======== Data

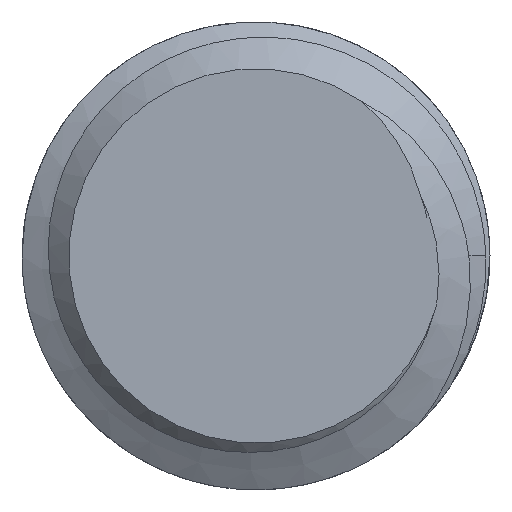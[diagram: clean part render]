
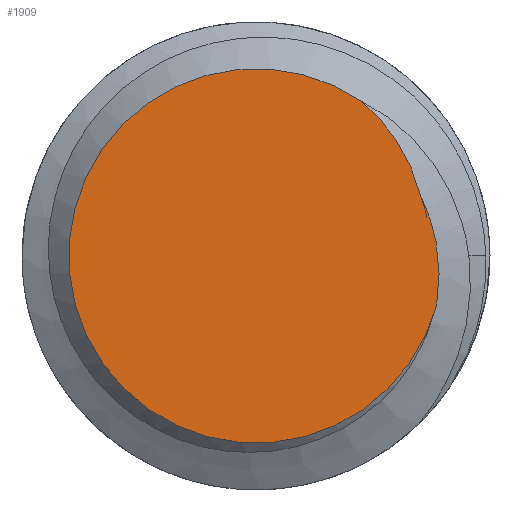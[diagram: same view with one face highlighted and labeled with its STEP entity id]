
A CAD part, front view. The second image highlights one B-rep face of the part: STEP entity #1909.
In plain terms, the highlighted planar face has unit normal (0, -1, 0).
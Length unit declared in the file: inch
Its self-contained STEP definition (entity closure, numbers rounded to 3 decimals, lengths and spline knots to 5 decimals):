
#139 = B_SPLINE_CURVE_WITH_KNOTS ( 'NONE', 3,
 ( #2563, #229, #1480, #477, #2303, #1302, #1567, #2317 ),
 .UNSPECIFIED., .F., .F.,
 ( 4, 2, 2, 4 ),
 ( 0., 0.25, 0.5, 1. ),
 .UNSPECIFIED. ) ;
#229 = CARTESIAN_POINT ( 'NONE',  ( 0.13644, 0., 0.05855 ) ) ;
#477 = CARTESIAN_POINT ( 'NONE',  ( 0.12791, 0., 0.08026 ) ) ;
#514 = VERTEX_POINT ( 'NONE', #2294 ) ;
#561 = AXIS2_PLACEMENT_3D ( 'NONE', #675, #1100, #688 ) ;
#675 = CARTESIAN_POINT ( 'NONE',  ( 0., 0., 0. ) ) ;
#682 = DIRECTION ( 'NONE',  ( 0., 1., 0. ) ) ;
#688 = DIRECTION ( 'NONE',  ( 0.564, 0., 0.826 ) ) ;
#725 = B_SPLINE_CURVE_WITH_KNOTS ( 'NONE', 3,
 ( #2016, #1641, #2487, #1708, #1853, #1429, #1867, #2295, #2543, #1015, #1455 ),
 .UNSPECIFIED., .F., .F.,
 ( 4, 1, 1, 1, 2, 2, 4 ),
 ( 0., 0.25, 0.375, 0.4375, 0.46875, 0.5, 1. ),
 .UNSPECIFIED. ) ;
#861 = FACE_OUTER_BOUND ( 'NONE', #2511, .T. ) ;
#943 = VERTEX_POINT ( 'NONE', #2383 ) ;
#1015 = CARTESIAN_POINT ( 'NONE',  ( 0.14506, 0., 0.03745 ) ) ;
#1100 = DIRECTION ( 'NONE',  ( 0., -1., 0. ) ) ;
#1280 = PLANE ( 'NONE',  #1333 ) ;
#1302 = CARTESIAN_POINT ( 'NONE',  ( 0.11163, 0., 0.10753 ) ) ;
#1303 = EDGE_CURVE ( 'NONE', #514, #943, #725, .T. ) ;
#1333 = AXIS2_PLACEMENT_3D ( 'NONE', #2538, #682, #2142 ) ;
#1429 = CARTESIAN_POINT ( 'NONE',  ( 0.15268, 0., 0.00402 ) ) ;
#1455 = CARTESIAN_POINT ( 'NONE',  ( 0.13833, 0., 0.05095 ) ) ;
#1474 = CARTESIAN_POINT ( 'NONE',  ( 0.08885, 0., 0.13002 ) ) ;
#1480 = CARTESIAN_POINT ( 'NONE',  ( 0.13398, 0., 0.06593 ) ) ;
#1567 = CARTESIAN_POINT ( 'NONE',  ( 0.10121, 0., 0.11956 ) ) ;
#1641 = CARTESIAN_POINT ( 'NONE',  ( 0.15332, 0., -0.03305 ) ) ;
#1708 = CARTESIAN_POINT ( 'NONE',  ( 0.1538, 0., -0.00624 ) ) ;
#1716 = ORIENTED_EDGE ( 'NONE', *, *, #1899, .T. ) ;
#1853 = CARTESIAN_POINT ( 'NONE',  ( 0.15308, 0., 0.00095 ) ) ;
#1867 = CARTESIAN_POINT ( 'NONE',  ( 0.15239, 0., 0.00608 ) ) ;
#1899 = EDGE_CURVE ( 'NONE', #943, #2183, #139, .T. ) ;
#1909 = ADVANCED_FACE ( 'NONE', ( #861 ), #1280, .F. ) ;
#2016 = CARTESIAN_POINT ( 'NONE',  ( 0.15196, 0., -0.04134 ) ) ;
#2051 = ORIENTED_EDGE ( 'NONE', *, *, #2298, .T. ) ;
#2142 = DIRECTION ( 'NONE',  ( 1., 0., 0. ) ) ;
#2183 = VERTEX_POINT ( 'NONE', #1474 ) ;
#2294 = CARTESIAN_POINT ( 'NONE',  ( 0.15196, 0., -0.04134 ) ) ;
#2295 = CARTESIAN_POINT ( 'NONE',  ( 0.15222, 0., 0.00719 ) ) ;
#2298 = EDGE_CURVE ( 'NONE', #2183, #514, #2351, .T. ) ;
#2303 = CARTESIAN_POINT ( 'NONE',  ( 0.12433, 0., 0.08714 ) ) ;
#2317 = CARTESIAN_POINT ( 'NONE',  ( 0.08885, 0., 0.13002 ) ) ;
#2351 = CIRCLE ( 'NONE', #561, 0.15748 ) ;
#2383 = CARTESIAN_POINT ( 'NONE',  ( 0.13833, 0., 0.05095 ) ) ;
#2387 = ORIENTED_EDGE ( 'NONE', *, *, #1303, .T. ) ;
#2487 = CARTESIAN_POINT ( 'NONE',  ( 0.15435, 0., -0.02065 ) ) ;
#2511 = EDGE_LOOP ( 'NONE', ( #2051, #2387, #1716 ) ) ;
#2538 = CARTESIAN_POINT ( 'NONE',  ( 0., 0., 0. ) ) ;
#2543 = CARTESIAN_POINT ( 'NONE',  ( 0.14964, 0., 0.02318 ) ) ;
#2563 = CARTESIAN_POINT ( 'NONE',  ( 0.13833, 0., 0.05095 ) ) ;

================

■ Task objective:
Produce the entries above once more, exactly as given, with each picture left out.

■ Task output:
[diagram: clean part render]
[diagram: same view with one face highlighted and labeled with its STEP entity id]
A CAD part, front view. The second image highlights one B-rep face of the part: STEP entity #1909.
In plain terms, the highlighted planar face has unit normal (0, -1, 0).
Length unit declared in the file: inch
Its self-contained STEP definition (entity closure, numbers rounded to 3 decimals, lengths and spline knots to 5 decimals):
#139 = B_SPLINE_CURVE_WITH_KNOTS ( 'NONE', 3,
 ( #2563, #229, #1480, #477, #2303, #1302, #1567, #2317 ),
 .UNSPECIFIED., .F., .F.,
 ( 4, 2, 2, 4 ),
 ( 0., 0.25, 0.5, 1. ),
 .UNSPECIFIED. ) ;
#229 = CARTESIAN_POINT ( 'NONE',  ( 0.13644, 0., 0.05855 ) ) ;
#477 = CARTESIAN_POINT ( 'NONE',  ( 0.12791, 0., 0.08026 ) ) ;
#514 = VERTEX_POINT ( 'NONE', #2294 ) ;
#561 = AXIS2_PLACEMENT_3D ( 'NONE', #675, #1100, #688 ) ;
#675 = CARTESIAN_POINT ( 'NONE',  ( 0., 0., 0. ) ) ;
#682 = DIRECTION ( 'NONE',  ( 0., 1., 0. ) ) ;
#688 = DIRECTION ( 'NONE',  ( 0.564, 0., 0.826 ) ) ;
#725 = B_SPLINE_CURVE_WITH_KNOTS ( 'NONE', 3,
 ( #2016, #1641, #2487, #1708, #1853, #1429, #1867, #2295, #2543, #1015, #1455 ),
 .UNSPECIFIED., .F., .F.,
 ( 4, 1, 1, 1, 2, 2, 4 ),
 ( 0., 0.25, 0.375, 0.4375, 0.46875, 0.5, 1. ),
 .UNSPECIFIED. ) ;
#861 = FACE_OUTER_BOUND ( 'NONE', #2511, .T. ) ;
#943 = VERTEX_POINT ( 'NONE', #2383 ) ;
#1015 = CARTESIAN_POINT ( 'NONE',  ( 0.14506, 0., 0.03745 ) ) ;
#1100 = DIRECTION ( 'NONE',  ( 0., -1., 0. ) ) ;
#1280 = PLANE ( 'NONE',  #1333 ) ;
#1302 = CARTESIAN_POINT ( 'NONE',  ( 0.11163, 0., 0.10753 ) ) ;
#1303 = EDGE_CURVE ( 'NONE', #514, #943, #725, .T. ) ;
#1333 = AXIS2_PLACEMENT_3D ( 'NONE', #2538, #682, #2142 ) ;
#1429 = CARTESIAN_POINT ( 'NONE',  ( 0.15268, 0., 0.00402 ) ) ;
#1455 = CARTESIAN_POINT ( 'NONE',  ( 0.13833, 0., 0.05095 ) ) ;
#1474 = CARTESIAN_POINT ( 'NONE',  ( 0.08885, 0., 0.13002 ) ) ;
#1480 = CARTESIAN_POINT ( 'NONE',  ( 0.13398, 0., 0.06593 ) ) ;
#1567 = CARTESIAN_POINT ( 'NONE',  ( 0.10121, 0., 0.11956 ) ) ;
#1641 = CARTESIAN_POINT ( 'NONE',  ( 0.15332, 0., -0.03305 ) ) ;
#1708 = CARTESIAN_POINT ( 'NONE',  ( 0.1538, 0., -0.00624 ) ) ;
#1716 = ORIENTED_EDGE ( 'NONE', *, *, #1899, .T. ) ;
#1853 = CARTESIAN_POINT ( 'NONE',  ( 0.15308, 0., 0.00095 ) ) ;
#1867 = CARTESIAN_POINT ( 'NONE',  ( 0.15239, 0., 0.00608 ) ) ;
#1899 = EDGE_CURVE ( 'NONE', #943, #2183, #139, .T. ) ;
#1909 = ADVANCED_FACE ( 'NONE', ( #861 ), #1280, .F. ) ;
#2016 = CARTESIAN_POINT ( 'NONE',  ( 0.15196, 0., -0.04134 ) ) ;
#2051 = ORIENTED_EDGE ( 'NONE', *, *, #2298, .T. ) ;
#2142 = DIRECTION ( 'NONE',  ( 1., 0., 0. ) ) ;
#2183 = VERTEX_POINT ( 'NONE', #1474 ) ;
#2294 = CARTESIAN_POINT ( 'NONE',  ( 0.15196, 0., -0.04134 ) ) ;
#2295 = CARTESIAN_POINT ( 'NONE',  ( 0.15222, 0., 0.00719 ) ) ;
#2298 = EDGE_CURVE ( 'NONE', #2183, #514, #2351, .T. ) ;
#2303 = CARTESIAN_POINT ( 'NONE',  ( 0.12433, 0., 0.08714 ) ) ;
#2317 = CARTESIAN_POINT ( 'NONE',  ( 0.08885, 0., 0.13002 ) ) ;
#2351 = CIRCLE ( 'NONE', #561, 0.15748 ) ;
#2383 = CARTESIAN_POINT ( 'NONE',  ( 0.13833, 0., 0.05095 ) ) ;
#2387 = ORIENTED_EDGE ( 'NONE', *, *, #1303, .T. ) ;
#2487 = CARTESIAN_POINT ( 'NONE',  ( 0.15435, 0., -0.02065 ) ) ;
#2511 = EDGE_LOOP ( 'NONE', ( #2051, #2387, #1716 ) ) ;
#2538 = CARTESIAN_POINT ( 'NONE',  ( 0., 0., 0. ) ) ;
#2543 = CARTESIAN_POINT ( 'NONE',  ( 0.14964, 0., 0.02318 ) ) ;
#2563 = CARTESIAN_POINT ( 'NONE',  ( 0.13833, 0., 0.05095 ) ) ;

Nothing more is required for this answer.